ArrayFire provides hundreds of functions for element manipulation. Supports all standard operators (such as +, -, *, /), as well as most transcendental functions (sin, cos, log, sqrt, etc.). Here are some examples:
array R = randu(3, 3);
af_print(constant(1, 3, 3) + af::complex(sin(R))); // will be c32
// rescale complex values to unit circle
array a = randn(5, c32);
af_print(a / abs(a));
// calculate L2 norm of vectors
array X = randn(3, 4);
af_print(sqrt(sum(pow(X, 2)))); // norm of every column vector
af_print(sqrt(sum(pow(X, 2), 0))); // same as above
af_print(sqrt(sum(pow(X, 2), 1))); // norm of every row vector
Five, mathematical constants
ArrayFire contains some platform-independent constants, such as Pi, NaN and Inf. If ArrayFire does not have the constants you need, you can use the af::constant array constructor to create your own constants.
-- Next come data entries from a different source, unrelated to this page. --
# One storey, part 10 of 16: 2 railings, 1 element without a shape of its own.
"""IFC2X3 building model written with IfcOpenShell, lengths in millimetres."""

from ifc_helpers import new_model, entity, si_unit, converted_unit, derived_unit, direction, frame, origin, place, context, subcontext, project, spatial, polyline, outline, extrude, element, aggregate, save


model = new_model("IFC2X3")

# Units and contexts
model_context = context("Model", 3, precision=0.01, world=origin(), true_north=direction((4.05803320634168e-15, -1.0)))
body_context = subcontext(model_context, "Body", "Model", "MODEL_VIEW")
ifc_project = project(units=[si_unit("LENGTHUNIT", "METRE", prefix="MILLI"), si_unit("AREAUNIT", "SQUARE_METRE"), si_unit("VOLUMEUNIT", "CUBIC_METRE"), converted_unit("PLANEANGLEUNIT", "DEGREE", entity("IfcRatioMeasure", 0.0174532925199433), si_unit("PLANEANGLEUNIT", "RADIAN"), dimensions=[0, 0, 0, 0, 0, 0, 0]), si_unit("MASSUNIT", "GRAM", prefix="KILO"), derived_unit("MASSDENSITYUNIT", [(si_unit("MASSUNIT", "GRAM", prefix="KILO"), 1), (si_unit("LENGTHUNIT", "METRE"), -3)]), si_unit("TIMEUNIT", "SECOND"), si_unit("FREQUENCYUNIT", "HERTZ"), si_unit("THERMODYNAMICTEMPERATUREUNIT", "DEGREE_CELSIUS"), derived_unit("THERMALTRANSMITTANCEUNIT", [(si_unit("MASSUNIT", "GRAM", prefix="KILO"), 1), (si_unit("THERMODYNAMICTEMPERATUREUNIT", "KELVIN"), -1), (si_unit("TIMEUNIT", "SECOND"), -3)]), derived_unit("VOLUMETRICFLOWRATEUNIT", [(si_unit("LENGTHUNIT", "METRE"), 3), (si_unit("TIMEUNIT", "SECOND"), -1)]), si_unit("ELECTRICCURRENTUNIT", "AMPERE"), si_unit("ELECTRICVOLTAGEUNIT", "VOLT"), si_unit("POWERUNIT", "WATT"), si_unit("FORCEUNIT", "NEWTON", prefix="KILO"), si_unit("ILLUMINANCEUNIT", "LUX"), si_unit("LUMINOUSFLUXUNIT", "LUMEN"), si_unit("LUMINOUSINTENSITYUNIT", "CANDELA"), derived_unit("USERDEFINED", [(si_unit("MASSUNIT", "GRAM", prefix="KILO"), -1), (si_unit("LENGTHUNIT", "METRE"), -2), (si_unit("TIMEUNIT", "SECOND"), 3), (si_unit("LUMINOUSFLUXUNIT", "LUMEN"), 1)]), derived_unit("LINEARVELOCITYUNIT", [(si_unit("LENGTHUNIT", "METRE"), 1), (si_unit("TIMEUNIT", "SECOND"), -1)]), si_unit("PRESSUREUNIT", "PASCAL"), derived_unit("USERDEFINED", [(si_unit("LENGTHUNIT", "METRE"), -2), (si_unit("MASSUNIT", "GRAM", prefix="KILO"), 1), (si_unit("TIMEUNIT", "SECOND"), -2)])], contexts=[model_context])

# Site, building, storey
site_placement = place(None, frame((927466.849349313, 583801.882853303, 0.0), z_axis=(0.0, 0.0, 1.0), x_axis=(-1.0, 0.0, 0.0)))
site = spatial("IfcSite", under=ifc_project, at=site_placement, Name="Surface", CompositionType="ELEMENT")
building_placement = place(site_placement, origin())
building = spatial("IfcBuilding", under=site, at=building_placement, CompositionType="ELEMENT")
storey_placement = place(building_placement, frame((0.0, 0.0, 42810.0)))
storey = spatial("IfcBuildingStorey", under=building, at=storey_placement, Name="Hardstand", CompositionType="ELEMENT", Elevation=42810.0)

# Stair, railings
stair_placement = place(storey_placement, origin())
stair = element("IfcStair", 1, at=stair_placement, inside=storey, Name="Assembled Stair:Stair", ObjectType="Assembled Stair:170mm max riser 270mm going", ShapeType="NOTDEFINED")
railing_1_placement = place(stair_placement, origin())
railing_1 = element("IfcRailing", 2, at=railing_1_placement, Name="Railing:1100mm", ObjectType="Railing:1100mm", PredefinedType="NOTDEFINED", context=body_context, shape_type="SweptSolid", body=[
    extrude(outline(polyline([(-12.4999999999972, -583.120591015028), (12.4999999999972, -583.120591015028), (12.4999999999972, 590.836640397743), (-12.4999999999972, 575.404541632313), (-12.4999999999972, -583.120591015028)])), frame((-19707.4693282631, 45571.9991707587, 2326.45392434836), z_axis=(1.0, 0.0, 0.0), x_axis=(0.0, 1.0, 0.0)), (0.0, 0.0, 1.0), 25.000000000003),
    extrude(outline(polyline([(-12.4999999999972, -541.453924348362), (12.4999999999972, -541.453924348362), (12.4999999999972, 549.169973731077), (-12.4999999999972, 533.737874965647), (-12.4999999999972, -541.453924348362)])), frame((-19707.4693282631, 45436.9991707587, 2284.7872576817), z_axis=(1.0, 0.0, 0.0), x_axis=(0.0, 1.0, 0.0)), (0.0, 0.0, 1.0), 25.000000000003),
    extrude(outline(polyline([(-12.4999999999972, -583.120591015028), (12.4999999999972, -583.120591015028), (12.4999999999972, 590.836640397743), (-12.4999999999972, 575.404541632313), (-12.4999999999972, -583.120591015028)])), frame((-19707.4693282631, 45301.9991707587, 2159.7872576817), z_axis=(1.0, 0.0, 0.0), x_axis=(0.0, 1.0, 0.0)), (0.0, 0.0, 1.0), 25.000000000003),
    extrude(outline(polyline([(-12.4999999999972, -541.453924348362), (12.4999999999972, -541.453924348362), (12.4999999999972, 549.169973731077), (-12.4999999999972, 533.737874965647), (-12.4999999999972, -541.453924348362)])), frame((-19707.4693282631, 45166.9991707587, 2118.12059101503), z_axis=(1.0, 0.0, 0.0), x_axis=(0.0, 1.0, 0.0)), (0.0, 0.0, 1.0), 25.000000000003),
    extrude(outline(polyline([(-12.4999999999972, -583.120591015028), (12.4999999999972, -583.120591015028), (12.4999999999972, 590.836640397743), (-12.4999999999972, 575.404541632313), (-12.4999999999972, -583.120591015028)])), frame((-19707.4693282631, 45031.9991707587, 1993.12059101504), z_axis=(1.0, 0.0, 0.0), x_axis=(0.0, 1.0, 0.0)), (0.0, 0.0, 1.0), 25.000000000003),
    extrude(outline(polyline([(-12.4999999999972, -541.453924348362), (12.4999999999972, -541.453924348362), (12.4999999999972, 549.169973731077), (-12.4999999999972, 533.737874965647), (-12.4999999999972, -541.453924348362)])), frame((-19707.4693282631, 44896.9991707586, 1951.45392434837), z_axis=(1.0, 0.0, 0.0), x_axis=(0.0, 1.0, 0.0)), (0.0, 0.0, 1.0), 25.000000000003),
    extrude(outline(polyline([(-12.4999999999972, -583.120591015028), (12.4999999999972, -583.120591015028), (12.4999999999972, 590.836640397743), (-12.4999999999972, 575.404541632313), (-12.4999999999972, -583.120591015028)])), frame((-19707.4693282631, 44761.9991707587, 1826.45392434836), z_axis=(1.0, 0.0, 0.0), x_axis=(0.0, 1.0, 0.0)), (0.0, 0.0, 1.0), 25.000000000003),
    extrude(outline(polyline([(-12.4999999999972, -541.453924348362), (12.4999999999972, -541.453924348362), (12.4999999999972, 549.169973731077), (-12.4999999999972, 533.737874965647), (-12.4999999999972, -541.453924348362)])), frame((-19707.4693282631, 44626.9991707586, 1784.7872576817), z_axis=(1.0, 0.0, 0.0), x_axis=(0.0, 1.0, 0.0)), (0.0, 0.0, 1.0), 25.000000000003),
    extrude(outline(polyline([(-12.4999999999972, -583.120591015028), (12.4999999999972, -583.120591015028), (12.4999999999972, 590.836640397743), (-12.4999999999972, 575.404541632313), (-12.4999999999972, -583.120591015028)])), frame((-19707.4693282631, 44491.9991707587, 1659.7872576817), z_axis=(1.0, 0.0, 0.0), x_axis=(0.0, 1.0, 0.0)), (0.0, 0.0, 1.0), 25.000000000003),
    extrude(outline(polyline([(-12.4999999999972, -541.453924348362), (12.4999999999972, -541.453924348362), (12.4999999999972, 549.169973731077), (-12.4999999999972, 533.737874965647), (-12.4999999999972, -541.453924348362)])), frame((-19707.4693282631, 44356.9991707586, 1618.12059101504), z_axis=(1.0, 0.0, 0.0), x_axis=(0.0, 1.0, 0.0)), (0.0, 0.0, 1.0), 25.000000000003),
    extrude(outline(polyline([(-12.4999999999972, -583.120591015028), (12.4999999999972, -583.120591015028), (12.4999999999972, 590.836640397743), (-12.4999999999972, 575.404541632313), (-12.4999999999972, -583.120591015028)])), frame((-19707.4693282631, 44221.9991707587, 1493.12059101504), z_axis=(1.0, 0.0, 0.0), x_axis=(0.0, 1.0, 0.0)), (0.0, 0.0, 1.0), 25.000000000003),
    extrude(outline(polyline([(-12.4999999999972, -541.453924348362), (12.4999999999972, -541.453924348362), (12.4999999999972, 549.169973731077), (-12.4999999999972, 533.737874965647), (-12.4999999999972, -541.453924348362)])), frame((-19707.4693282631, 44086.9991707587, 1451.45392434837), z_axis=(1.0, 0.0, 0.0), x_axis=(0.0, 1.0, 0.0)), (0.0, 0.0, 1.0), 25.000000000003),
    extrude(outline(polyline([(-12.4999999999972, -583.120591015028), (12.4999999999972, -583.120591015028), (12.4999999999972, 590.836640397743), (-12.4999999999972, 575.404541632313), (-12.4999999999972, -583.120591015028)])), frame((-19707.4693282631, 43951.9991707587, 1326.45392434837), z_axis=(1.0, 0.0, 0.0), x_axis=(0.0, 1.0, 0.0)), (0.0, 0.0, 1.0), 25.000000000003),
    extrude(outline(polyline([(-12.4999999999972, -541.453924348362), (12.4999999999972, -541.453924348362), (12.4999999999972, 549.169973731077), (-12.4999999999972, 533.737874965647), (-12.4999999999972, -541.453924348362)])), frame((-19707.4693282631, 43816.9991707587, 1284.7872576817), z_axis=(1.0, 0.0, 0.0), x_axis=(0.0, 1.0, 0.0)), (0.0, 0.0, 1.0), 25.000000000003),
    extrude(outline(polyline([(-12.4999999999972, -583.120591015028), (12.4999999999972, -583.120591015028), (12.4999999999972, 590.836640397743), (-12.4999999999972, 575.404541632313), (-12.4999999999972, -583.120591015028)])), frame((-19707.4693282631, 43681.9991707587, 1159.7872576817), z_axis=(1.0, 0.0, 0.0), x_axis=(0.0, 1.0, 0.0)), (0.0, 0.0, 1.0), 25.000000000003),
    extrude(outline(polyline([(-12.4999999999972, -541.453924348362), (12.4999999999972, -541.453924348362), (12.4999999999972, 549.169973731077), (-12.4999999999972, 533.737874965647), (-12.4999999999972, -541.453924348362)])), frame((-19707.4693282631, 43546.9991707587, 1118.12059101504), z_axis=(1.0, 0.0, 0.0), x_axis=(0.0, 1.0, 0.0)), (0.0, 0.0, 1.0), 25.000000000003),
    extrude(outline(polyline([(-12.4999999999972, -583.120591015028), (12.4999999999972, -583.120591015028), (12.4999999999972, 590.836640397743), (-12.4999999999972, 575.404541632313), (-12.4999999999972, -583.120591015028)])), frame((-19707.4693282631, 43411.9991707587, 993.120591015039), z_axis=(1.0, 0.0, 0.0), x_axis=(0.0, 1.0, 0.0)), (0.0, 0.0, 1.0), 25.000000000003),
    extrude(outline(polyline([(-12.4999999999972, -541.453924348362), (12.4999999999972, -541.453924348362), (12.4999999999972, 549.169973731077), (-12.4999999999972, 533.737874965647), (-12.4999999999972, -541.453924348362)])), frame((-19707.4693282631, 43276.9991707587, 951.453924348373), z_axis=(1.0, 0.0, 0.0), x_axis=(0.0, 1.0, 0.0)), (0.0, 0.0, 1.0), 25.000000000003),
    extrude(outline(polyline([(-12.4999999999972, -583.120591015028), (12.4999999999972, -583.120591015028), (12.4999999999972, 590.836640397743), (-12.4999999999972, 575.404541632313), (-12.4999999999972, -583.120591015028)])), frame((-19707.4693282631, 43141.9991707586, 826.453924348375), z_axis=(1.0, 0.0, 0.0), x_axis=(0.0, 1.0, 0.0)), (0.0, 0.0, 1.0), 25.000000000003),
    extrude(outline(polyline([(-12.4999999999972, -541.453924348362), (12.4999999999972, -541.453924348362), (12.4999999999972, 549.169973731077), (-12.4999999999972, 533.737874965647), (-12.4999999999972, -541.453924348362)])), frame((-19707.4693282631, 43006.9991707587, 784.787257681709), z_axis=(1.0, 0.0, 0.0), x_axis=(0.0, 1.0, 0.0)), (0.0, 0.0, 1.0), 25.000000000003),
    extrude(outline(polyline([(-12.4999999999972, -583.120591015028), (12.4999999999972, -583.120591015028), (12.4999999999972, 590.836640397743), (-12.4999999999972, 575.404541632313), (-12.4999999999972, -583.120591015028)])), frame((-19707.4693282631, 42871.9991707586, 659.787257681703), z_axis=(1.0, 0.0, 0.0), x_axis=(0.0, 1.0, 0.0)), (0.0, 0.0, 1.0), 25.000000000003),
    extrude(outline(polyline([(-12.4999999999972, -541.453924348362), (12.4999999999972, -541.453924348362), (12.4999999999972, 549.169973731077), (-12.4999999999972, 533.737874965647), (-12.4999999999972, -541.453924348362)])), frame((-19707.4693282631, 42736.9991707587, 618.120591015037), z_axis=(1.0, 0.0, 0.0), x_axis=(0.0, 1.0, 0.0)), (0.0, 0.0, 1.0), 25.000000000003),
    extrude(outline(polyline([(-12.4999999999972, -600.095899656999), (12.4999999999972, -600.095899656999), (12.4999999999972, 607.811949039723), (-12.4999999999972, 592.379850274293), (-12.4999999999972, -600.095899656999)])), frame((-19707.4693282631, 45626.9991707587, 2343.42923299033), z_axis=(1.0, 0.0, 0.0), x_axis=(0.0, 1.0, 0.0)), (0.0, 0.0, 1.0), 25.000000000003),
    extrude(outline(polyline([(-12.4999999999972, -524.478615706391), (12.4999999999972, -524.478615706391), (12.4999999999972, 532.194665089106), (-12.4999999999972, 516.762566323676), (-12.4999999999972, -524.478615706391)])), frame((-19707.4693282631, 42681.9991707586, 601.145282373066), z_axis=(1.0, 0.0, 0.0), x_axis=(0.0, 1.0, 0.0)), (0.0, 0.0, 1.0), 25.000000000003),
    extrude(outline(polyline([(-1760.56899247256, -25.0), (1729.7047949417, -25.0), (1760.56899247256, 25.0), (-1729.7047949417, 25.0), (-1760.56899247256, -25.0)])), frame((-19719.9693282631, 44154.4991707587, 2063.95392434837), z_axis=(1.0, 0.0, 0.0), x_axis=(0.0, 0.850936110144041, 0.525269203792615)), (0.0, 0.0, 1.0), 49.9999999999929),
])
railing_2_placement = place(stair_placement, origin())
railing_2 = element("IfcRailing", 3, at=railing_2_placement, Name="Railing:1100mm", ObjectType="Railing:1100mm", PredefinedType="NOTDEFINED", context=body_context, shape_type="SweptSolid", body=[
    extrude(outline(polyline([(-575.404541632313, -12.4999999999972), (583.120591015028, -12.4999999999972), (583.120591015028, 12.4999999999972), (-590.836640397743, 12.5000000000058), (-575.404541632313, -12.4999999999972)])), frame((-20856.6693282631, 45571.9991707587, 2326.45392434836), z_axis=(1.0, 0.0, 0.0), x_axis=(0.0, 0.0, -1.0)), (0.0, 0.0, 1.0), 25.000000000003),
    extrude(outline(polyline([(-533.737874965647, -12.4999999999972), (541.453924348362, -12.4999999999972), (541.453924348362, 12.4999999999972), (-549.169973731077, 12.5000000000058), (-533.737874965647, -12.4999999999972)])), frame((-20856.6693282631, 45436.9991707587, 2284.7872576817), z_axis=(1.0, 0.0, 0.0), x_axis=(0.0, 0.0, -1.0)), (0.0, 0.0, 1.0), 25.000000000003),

Constants can be used in all functions of ArrayFire. Below we will demonstrate their use in element selection and mathematical expressions:
array A = randu(5,5);
A(where(A > .5)) = af::NaN;
array x = randu(10e6), y = randu(10e6);
double pi_est = 4 * sum<float>(hypot(x,y) < 1) / 10e6;
printf("estimation error: %g\n", fabs(Pi - pi_est));
Please note that our constants may sometimes conflict with macro definitions in standard header files. When this happens, please use the af:: namespace to refer to our constants.